Task goal » The word "vertices" marks the lines to keep; find each one in the data and copy it.

== Segment start ==

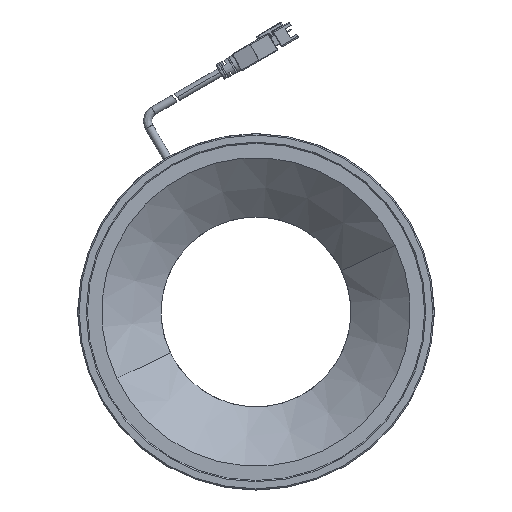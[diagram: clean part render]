
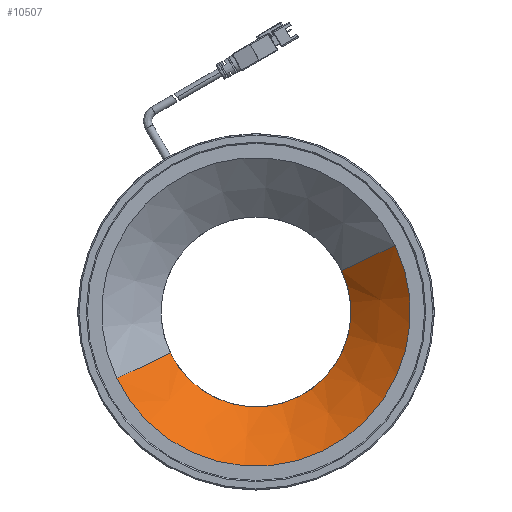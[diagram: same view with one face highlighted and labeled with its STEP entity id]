
A CAD part, left-side view. The second image highlights one B-rep face of the part: STEP entity #10507.
In plain terms, the highlighted conical face has half-angle 50 degrees and reference radius 40 mm.
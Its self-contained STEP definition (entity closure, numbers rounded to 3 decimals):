
#770 = CARTESIAN_POINT ( 'NONE',  ( -17.523, -36.068, 17.294 ) ) ;
#902 = FACE_OUTER_BOUND ( 'NONE', #5751, .T. ) ;
#1076 = CARTESIAN_POINT ( 'NONE',  ( -38.5, 0., 0. ) ) ;
#1543 = CARTESIAN_POINT ( 'NONE',  ( -38.5, 58.611, -28.103 ) ) ;
#2266 = DIRECTION ( 'NONE',  ( -0.643, -0.691, 0.331 ) ) ;
#3508 = AXIS2_PLACEMENT_3D ( 'NONE', #5380, #9231, #11656 ) ;
#3633 = VERTEX_POINT ( 'NONE', #5462 ) ;
#3922 = ORIENTED_EDGE ( 'NONE', *, *, #9299, .T. ) ;
#4305 = DIRECTION ( 'NONE',  ( 0., 0.902, -0.432 ) ) ;
#4409 = CARTESIAN_POINT ( 'NONE',  ( -38.5, -58.611, 28.103 ) ) ;
#4606 = CIRCLE ( 'NONE', #9240, 65. ) ;
#4761 = AXIS2_PLACEMENT_3D ( 'NONE', #16220, #8168, #4305 ) ;
#5326 = LINE ( 'NONE', #13279, #16328 ) ;
#5365 = CARTESIAN_POINT ( 'NONE',  ( -17.523, -36.068, 17.294 ) ) ;
#5380 = CARTESIAN_POINT ( 'NONE',  ( -17.523, 0., 0. ) ) ;
#5462 = CARTESIAN_POINT ( 'NONE',  ( -17.523, 36.068, -17.294 ) ) ;
#5493 = ORIENTED_EDGE ( 'NONE', *, *, #15013, .T. ) ;
#5655 = CIRCLE ( 'NONE', #4761, 40. ) ;
#5751 = EDGE_LOOP ( 'NONE', ( #3922, #5493, #13030, #14692 ) ) ;
#5775 = VERTEX_POINT ( 'NONE', #4409 ) ;
#6590 = LINE ( 'NONE', #770, #6802 ) ;
#6802 = VECTOR ( 'NONE', #2266, 1000. ) ;
#8168 = DIRECTION ( 'NONE',  ( 1., 0., 0. ) ) ;
#8954 = DIRECTION ( 'NONE',  ( 0., 0.902, -0.432 ) ) ;
#9231 = DIRECTION ( 'NONE',  ( -1., 0., 0. ) ) ;
#9240 = AXIS2_PLACEMENT_3D ( 'NONE', #1076, #15510, #8954 ) ;
#9299 = EDGE_CURVE ( 'NONE', #16308, #3633, #5655, .T. ) ;
#9701 = VERTEX_POINT ( 'NONE', #1543 ) ;
#9937 = EDGE_CURVE ( 'NONE', #16308, #5775, #6590, .T. ) ;
#10507 = ADVANCED_FACE ( 'NONE', ( #902 ), #13950, .F. ) ;
#10821 = DIRECTION ( 'NONE',  ( -0.643, 0.691, -0.331 ) ) ;
#11656 = DIRECTION ( 'NONE',  ( 0., -0.902, 0.432 ) ) ;
#13030 = ORIENTED_EDGE ( 'NONE', *, *, #13444, .F. ) ;
#13279 = CARTESIAN_POINT ( 'NONE',  ( -17.523, 36.068, -17.294 ) ) ;
#13444 = EDGE_CURVE ( 'NONE', #5775, #9701, #4606, .T. ) ;
#13950 = CONICAL_SURFACE ( 'NONE', #3508, 40., 0.873 ) ;
#14692 = ORIENTED_EDGE ( 'NONE', *, *, #9937, .F. ) ;
#15013 = EDGE_CURVE ( 'NONE', #3633, #9701, #5326, .T. ) ;
#15510 = DIRECTION ( 'NONE',  ( 1., 0., 0. ) ) ;
#16220 = CARTESIAN_POINT ( 'NONE',  ( -17.523, 0., 0. ) ) ;
#16308 = VERTEX_POINT ( 'NONE', #5365 ) ;
#16328 = VECTOR ( 'NONE', #10821, 1000. ) ;
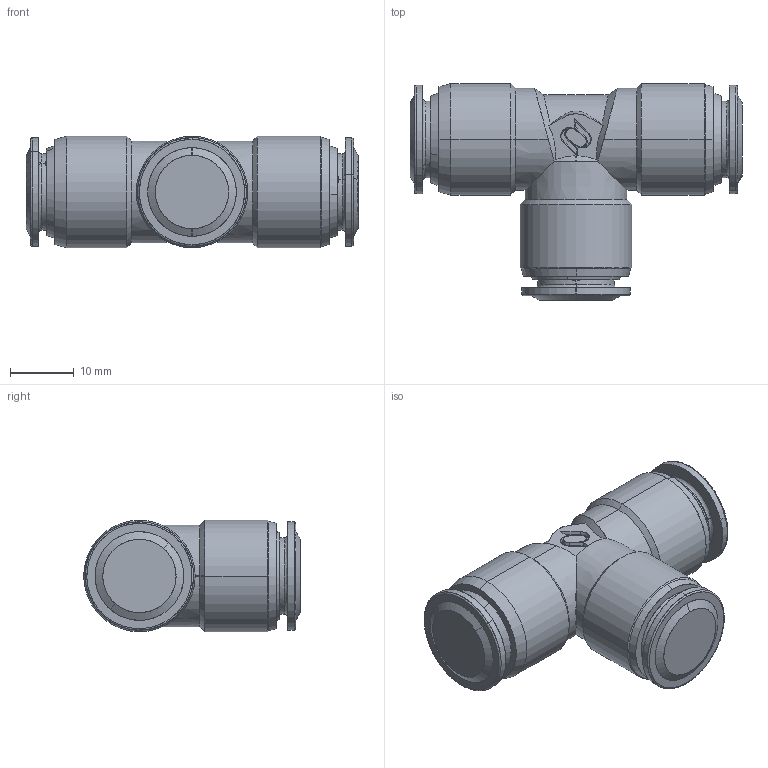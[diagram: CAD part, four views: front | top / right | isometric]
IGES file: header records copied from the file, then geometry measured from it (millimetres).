
Start section: SolidWorks IGES file using analytic representation for surfaces
Global section: file name: K:\Disegni Esecutivi\ALPHA TECHNOLOGIES\Assiemi-89000\89230\89230_iges\8923000005.igs; native system: SolidWorks 2011; preprocessor: SolidWorks 2011; author: cad05; date: 110221.101625; units: millimetre
Bounding box: 52.1 x 34 x 17.5 mm (x, y, z)
Surface area: 4824.9 mm2 (no closed solid volume)
Topology: 0 solids, 0 shells, 138 faces, 1871 edges, 1871 vertices
Faces by surface type: revolution 70, bspline 68
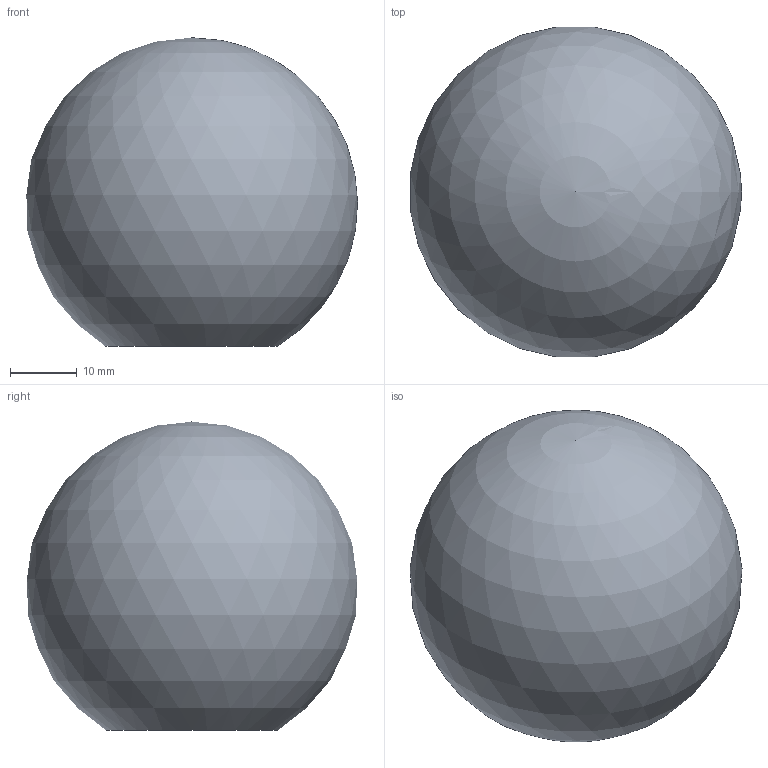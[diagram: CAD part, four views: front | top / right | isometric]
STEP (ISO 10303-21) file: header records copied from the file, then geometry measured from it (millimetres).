
FILE_DESCRIPTION( ('This file contains a STEP AP42 implementation' ,'as created by ZW3D STEP Interface translator.') ,'2;1' );
FILE_NAME( 'Galka kulista DK50 typB.stp' ,'26 4 1. 81125', (''), ('ZWCAD Software Co.'), 'Version 1.0', 'ZW3D to STEP translator', '' );
FILE_SCHEMA(('AP242_MANAGED_MODEL_BASED_3D_ENGINEERING_MIM_LF { 1 0 10303 442 1 1 4 }'));
Length unit declared in the file: millimetre
Products named in the file (1): 0
Bounding box: 49.8 x 49.61 x 46.4 mm (x, y, z)
Volume: 62097.4 mm3; surface area: 8726.7 mm2
Topology: 1 solids, 1 shells, 5 faces, 8 edges, 5 vertices
Faces by surface type: plane 2, sphere 1, cone 1, cylinder 1
Full cylindrical faces by diameter (mm): 10.2 x1
Entity records: 139 total; most frequent: DIRECTION 24, CARTESIAN_POINT 18, ORIENTED_EDGE 14, AXIS2_PLACEMENT_3D 11, EDGE_CURVE 7, EDGE_LOOP 6, VERTEX_POINT 5, CIRCLE 5
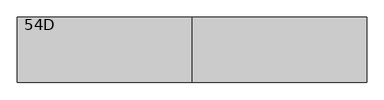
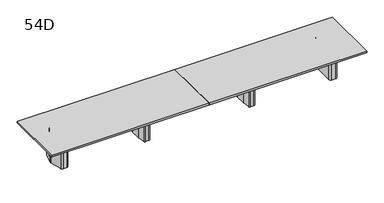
"""IFC4 building model written with IfcOpenShell, lengths in millimetres: furniture geometry, Coalesse_AM_Table_Conference_ETable2_Rectangular_24ft_FourBase : 54D."""

from ifc_helpers import new_model, si_unit, frame, origin, place, context, project, spatial, polyline, circle_curve, outline, extrude, source, transform, mapped, element, save
from ifc_brep_helpers import plane_surface, cylinder_surface, revolved_surface, advanced_brep


def furniture_54d_2627609f(model_context):
    return source(origin(), model_context, "Body", "SolidModel", [
        advanced_brep(
        [(1254.91875, 206.375, 3.175), (1229.51875, 231.775, 3.175), (1208.88125, 231.775, 3.175), (1183.48125, 206.375, 3.175), (1183.48125, -206.375, 3.175), (1208.88125, -231.775, 3.175), (1229.51875, -231.775, 3.175), (1254.91875, -206.375, 3.175), (1158.08125, 206.375, 0.0), (1208.88125, 257.175, 0.0), (1229.51875, 257.175, 0.0), (1280.31875, 206.375, 0.0), (1280.31875, -206.375, 0.0), (1229.51875, -257.175, 0.0), (1208.88125, -257.175, 0.0), (1158.08125, -206.375, 0.0), (1158.08125, -206.375, 3.175), (1158.08125, 206.375, 3.175), (1208.88125, -257.175, 3.175), (1229.51875, -257.175, 3.175), (1280.31875, -206.375, 3.175), (1280.31875, 206.375, 3.175), (1229.51875, 257.175, 3.175), (1208.88125, 257.175, 3.175), (1126.5784026, 106.2976848, 698.5), (1126.33125, 102.7629613, 698.5), (1126.33125, -102.7629613, 698.5), (1126.5784026, -106.2976848, 698.5), (1151.4011625, -282.9347235, 698.5), (1176.5540098, -304.8, 698.5), (1261.8459902, -304.8, 698.5), (1286.9988375, -282.9347235, 698.5), (1311.8215974, -106.2976848, 698.5), (1312.06875, -102.7629613, 698.5), (1312.06875, 102.7629613, 698.5), (1311.8215974, 106.2976848, 698.5), (1286.9988375, 282.9347235, 698.5), (1261.8459902, 304.8, 698.5), (1176.5540098, 304.8, 698.5), (1151.4011625, 282.9347235, 698.5), (1229.51875, 231.775, 698.5), (1254.91875, 206.375, 698.5), (1254.91875, -206.375, 698.5), (1229.51875, -231.775, 698.5), (1208.88125, -231.775, 698.5), (1183.48125, -206.375, 698.5), (1183.48125, 206.375, 698.5), (1208.88125, 231.775, 698.5), (1126.5784026, 106.2976848, 3.175), (1151.4011625, 282.9347235, 3.175), (1176.5540098, 304.8, 3.175), (1261.8459902, 304.8, 3.175), (1286.9988375, 282.9347235, 3.175), (1311.8215974, 106.2976848, 3.175), (1312.06875, 102.7629613, 3.175), (1312.06875, -102.7629613, 3.175), (1311.8215974, -106.2976848, 3.175), (1286.9988375, -282.9347235, 3.175), (1261.8459902, -304.8, 3.175), (1176.5540098, -304.8, 3.175), (1151.4011625, -282.9347235, 3.175), (1126.5784026, -106.2976848, 3.175), (1126.33125, -102.7629613, 3.175), (1126.33125, 102.7629613, 3.175)],
        [
            (0, 1, circle_curve(frame((1229.51875, 206.375, 3.175), z_axis=(0.0, 0.0, 1.0), x_axis=(1.0, 0.0, 0.0)), 25.4)),
            (1, 2),
            (2, 3, circle_curve(frame((1208.88125, 206.375, 3.175), z_axis=(0.0, 0.0, 1.0), x_axis=(1.0, 0.0, 0.0)), 25.4)),
            (3, 4),
            (4, 5, circle_curve(frame((1208.88125, -206.375, 3.175), z_axis=(0.0, 0.0, 1.0), x_axis=(1.0, 0.0, 0.0)), 25.4)),
            (5, 6),
            (6, 7, circle_curve(frame((1229.51875, -206.375, 3.175), z_axis=(0.0, 0.0, 1.0), x_axis=(1.0, 0.0, 0.0)), 25.4)),
            (7, 0),
            (8, 9, circle_curve(frame((1208.88125, 206.375, 0.0), z_axis=(0.0, 0.0, -1.0), x_axis=(1.0, 0.0, 0.0)), 50.8)),
            (9, 10),
            (10, 11, circle_curve(frame((1229.51875, 206.375, 0.0), z_axis=(0.0, 0.0, -1.0), x_axis=(1.0, 0.0, 0.0)), 50.8)),
            (11, 12),
            (12, 13, circle_curve(frame((1229.51875, -206.375, 0.0), z_axis=(0.0, 0.0, -1.0), x_axis=(1.0, 0.0, 0.0)), 50.8)),
            (13, 14),
            (14, 15, circle_curve(frame((1208.88125, -206.375, 0.0), z_axis=(0.0, 0.0, -1.0), x_axis=(1.0, 0.0, 0.0)), 50.8)),
            (15, 8),
            (15, 16),
            (16, 17),
            (17, 8),
            (14, 18),
            (18, 16, circle_curve(frame((1208.88125, -206.375, 3.175), z_axis=(0.0, 0.0, -1.0), x_axis=(1.0, 0.0, 0.0)), 50.8)),
            (13, 19),
            (19, 18),
            (12, 20),
            (20, 19, circle_curve(frame((1229.51875, -206.375, 3.175), z_axis=(0.0, 0.0, -1.0), x_axis=(1.0, 0.0, 0.0)), 50.8)),
            (11, 21),
            (21, 20),
            (10, 22),
            (22, 21, circle_curve(frame((1229.51875, 206.375, 3.175), z_axis=(0.0, 0.0, -1.0), x_axis=(1.0, 0.0, 0.0)), 50.8)),
            (9, 23),
            (23, 22),
            (17, 23, circle_curve(frame((1208.88125, 206.375, 3.175), z_axis=(0.0, 0.0, -1.0), x_axis=(1.0, 0.0, 0.0)), 50.8)),
            (24, 25, circle_curve(frame((1151.73125, 102.7629613, 698.5), z_axis=(0.0, 0.0, 1.0), x_axis=(1.0, 0.0, 0.0)), 25.4)),
            (25, 26),
            (26, 27, circle_curve(frame((1151.73125, -102.7629613, 698.5), z_axis=(0.0, 0.0, 1.0), x_axis=(1.0, 0.0, 0.0)), 25.4)),
            (27, 28),
            (28, 29, circle_curve(frame((1176.5540098, -279.4, 698.5), z_axis=(0.0, 0.0, 1.0), x_axis=(1.0, 0.0, 0.0)), 25.4)),
            (29, 30),
            (30, 31, circle_curve(frame((1261.8459902, -279.4, 698.5), z_axis=(0.0, 0.0, 1.0), x_axis=(1.0, 0.0, 0.0)), 25.4)),
            (31, 32),
            (32, 33, circle_curve(frame((1286.66875, -102.7629613, 698.5), z_axis=(0.0, 0.0, 1.0), x_axis=(1.0, 0.0, 0.0)), 25.4)),
            (33, 34),
            (34, 35, circle_curve(frame((1286.66875, 102.7629613, 698.5), z_axis=(0.0, 0.0, 1.0), x_axis=(1.0, 0.0, 0.0)), 25.4)),
            (35, 36),
            (36, 37, circle_curve(frame((1261.8459902, 279.4, 698.5), z_axis=(0.0, 0.0, 1.0), x_axis=(1.0, 0.0, 0.0)), 25.4)),
            (37, 38),
            (38, 39, circle_curve(frame((1176.5540098, 279.4, 698.5), z_axis=(0.0, 0.0, 1.0), x_axis=(1.0, 0.0, 0.0)), 25.4)),
            (39, 24),
            (40, 41, circle_curve(frame((1229.51875, 206.375, 698.5), z_axis=(0.0, 0.0, -1.0), x_axis=(1.0, 0.0, 0.0)), 25.4)),
            (41, 42),
            (42, 43, circle_curve(frame((1229.51875, -206.375, 698.5), z_axis=(0.0, 0.0, -1.0), x_axis=(1.0, 0.0, 0.0)), 25.4)),
            (43, 44),
            (44, 45, circle_curve(frame((1208.88125, -206.375, 698.5), z_axis=(0.0, 0.0, -1.0), x_axis=(1.0, 0.0, 0.0)), 25.4)),
            (45, 46),
            (46, 47, circle_curve(frame((1208.88125, 206.375, 698.5), z_axis=(0.0, 0.0, -1.0), x_axis=(1.0, 0.0, 0.0)), 25.4)),
            (47, 40),
            (48, 49),
            (49, 50, circle_curve(frame((1176.5540098, 279.4, 3.175), z_axis=(0.0, 0.0, -1.0), x_axis=(1.0, 0.0, 0.0)), 25.4)),
            (50, 51),
            (51, 52, circle_curve(frame((1261.8459902, 279.4, 3.175), z_axis=(0.0, 0.0, -1.0), x_axis=(1.0, 0.0, 0.0)), 25.4)),
            (52, 53),
            (53, 54, circle_curve(frame((1286.66875, 102.7629613, 3.175), z_axis=(0.0, 0.0, -1.0), x_axis=(1.0, 0.0, 0.0)), 25.4)),
            (54, 55),
            (55, 56, circle_curve(frame((1286.66875, -102.7629613, 3.175), z_axis=(0.0, 0.0, -1.0), x_axis=(1.0, 0.0, 0.0)), 25.4)),
            (56, 57),
            (57, 58, circle_curve(frame((1261.8459902, -279.4, 3.175), z_axis=(0.0, 0.0, -1.0), x_axis=(1.0, 0.0, 0.0)), 25.4)),
            (58, 59),
            (59, 60, circle_curve(frame((1176.5540098, -279.4, 3.175), z_axis=(0.0, 0.0, -1.0), x_axis=(1.0, 0.0, 0.0)), 25.4)),
            (60, 61),
            (61, 62, circle_curve(frame((1151.73125, -102.7629613, 3.175), z_axis=(0.0, 0.0, -1.0), x_axis=(1.0, 0.0, 0.0)), 25.4)),
            (62, 63),
            (63, 48, circle_curve(frame((1151.73125, 102.7629613, 3.175), z_axis=(0.0, 0.0, -1.0), x_axis=(1.0, 0.0, 0.0)), 25.4)),
            (24, 48),
            (63, 25),
            (62, 26),
            (61, 27),
            (60, 28),
            (59, 29),
            (58, 30),
            (57, 31),
            (56, 32),
            (55, 33),
            (54, 34),
            (53, 35),
            (52, 36),
            (51, 37),
            (50, 38),
            (49, 39),
            (40, 1),
            (0, 41),
            (7, 42),
            (6, 43),
            (5, 44),
            (4, 45),
            (3, 46),
            (2, 47),
        ],
        [
            plane_surface(frame((1158.08125, -206.375, 3.175), z_axis=(0.0, 0.0, 1.0), x_axis=(0.0, -1.0, 0.0))),
            plane_surface(frame((1158.08125, -206.375, 0.0), z_axis=(0.0, 0.0, -1.0), x_axis=(0.0, 1.0, 0.0))),
            plane_surface(frame((1158.08125, 206.375, 3.175), z_axis=(-1.0, 0.0, 0.0), x_axis=(0.0, 0.0, -1.0))),
            cylinder_surface(frame((1208.88125, -206.375, 0.0), z_axis=(0.0, 0.0, 1.0), x_axis=(1.0, 0.0, 0.0)), 50.8),
            plane_surface(frame((1208.88125, -257.175, 3.175), z_axis=(0.0, -1.0, 0.0), x_axis=(0.0, 0.0, -1.0))),
            cylinder_surface(frame((1229.51875, -206.375, 0.0), z_axis=(0.0, 0.0, 1.0), x_axis=(1.0, 0.0, 0.0)), 50.8),
            plane_surface(frame((1280.31875, -206.375, 3.175), z_axis=(1.0, 0.0, 0.0), x_axis=(0.0, 0.0, -1.0))),
            cylinder_surface(frame((1229.51875, 206.375, 0.0), z_axis=(0.0, 0.0, 1.0), x_axis=(1.0, 0.0, 0.0)), 50.8),
            plane_surface(frame((1229.51875, 257.175, 3.175), z_axis=(0.0, 1.0, 0.0), x_axis=(0.0, 0.0, -1.0))),
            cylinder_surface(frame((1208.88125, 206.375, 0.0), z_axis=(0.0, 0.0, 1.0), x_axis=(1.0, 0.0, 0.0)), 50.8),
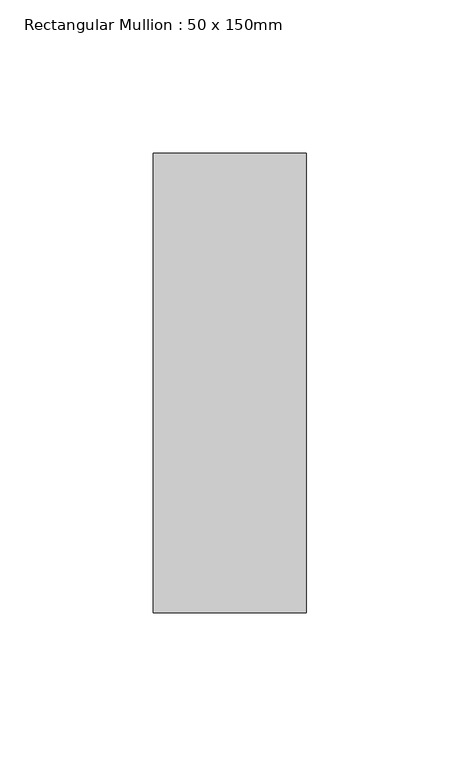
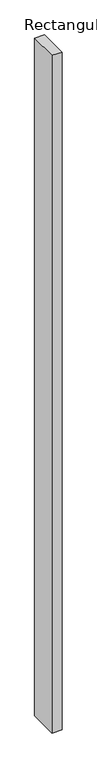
"""IFC4 building model written with IfcOpenShell, lengths in millimetres: member geometry, Rectangular Mullion : 50 x 150mm."""

from ifc_helpers import new_model, si_unit, frame, origin, place, context, project, spatial, polyline, outline, extrude, source, transform, mapped, element, save


def rectangular_mullion_50_x_150mm_55b3505a(model_context):
    return source(origin(), model_context, "Body", "SweptSolid", [
        extrude(outline(polyline([(0.0, 75.0), (0.0, -75.0), (-50.0, -75.0), (-50.0, 75.0), (0.0, 75.0)])), frame((0.0, 0.0, -3588.3715849), z_axis=(0.0, 0.0, 1.0), x_axis=(1.0, 0.0, 0.0)), (0.0, 0.0, 1.0), 3588.3715849),
    ])


if __name__ == "__main__":
    model = new_model("IFC4")
    model_context = context("Model", 3, world=origin())
    ifc_project = project(units=[si_unit("LENGTHUNIT", "METRE", prefix="MILLI")], contexts=[model_context])
    site = spatial("IfcSite", under=ifc_project)
    building = spatial("IfcBuilding", under=site)
    placement = place(None, origin())
    rectangular_mullion_50_x_150mm_shape = rectangular_mullion_50_x_150mm_55b3505a(model_context)
    element("IfcMember", 1, ObjectType="Rectangular Mullion : 50 x 150mm", at=placement, inside=building, context=model_context, shape_type="MappedRepresentation", body=[
        mapped(rectangular_mullion_50_x_150mm_shape, transform((0.0, 0.0, 0.0), x_axis=(1.0, 0.0, 0.0), y_axis=(0.0, 1.0, 0.0), z_axis=(0.0, 0.0, 1.0))),
    ])
    save(model, "model.ifc")

== Segment end ==

Reply »
Topology: 0 solids, 0 shells, 138 faces, 1871 edges, 1871 vertices
Topology: 1 solids, 1 shells, 5 faces, 8 edges, 5 vertices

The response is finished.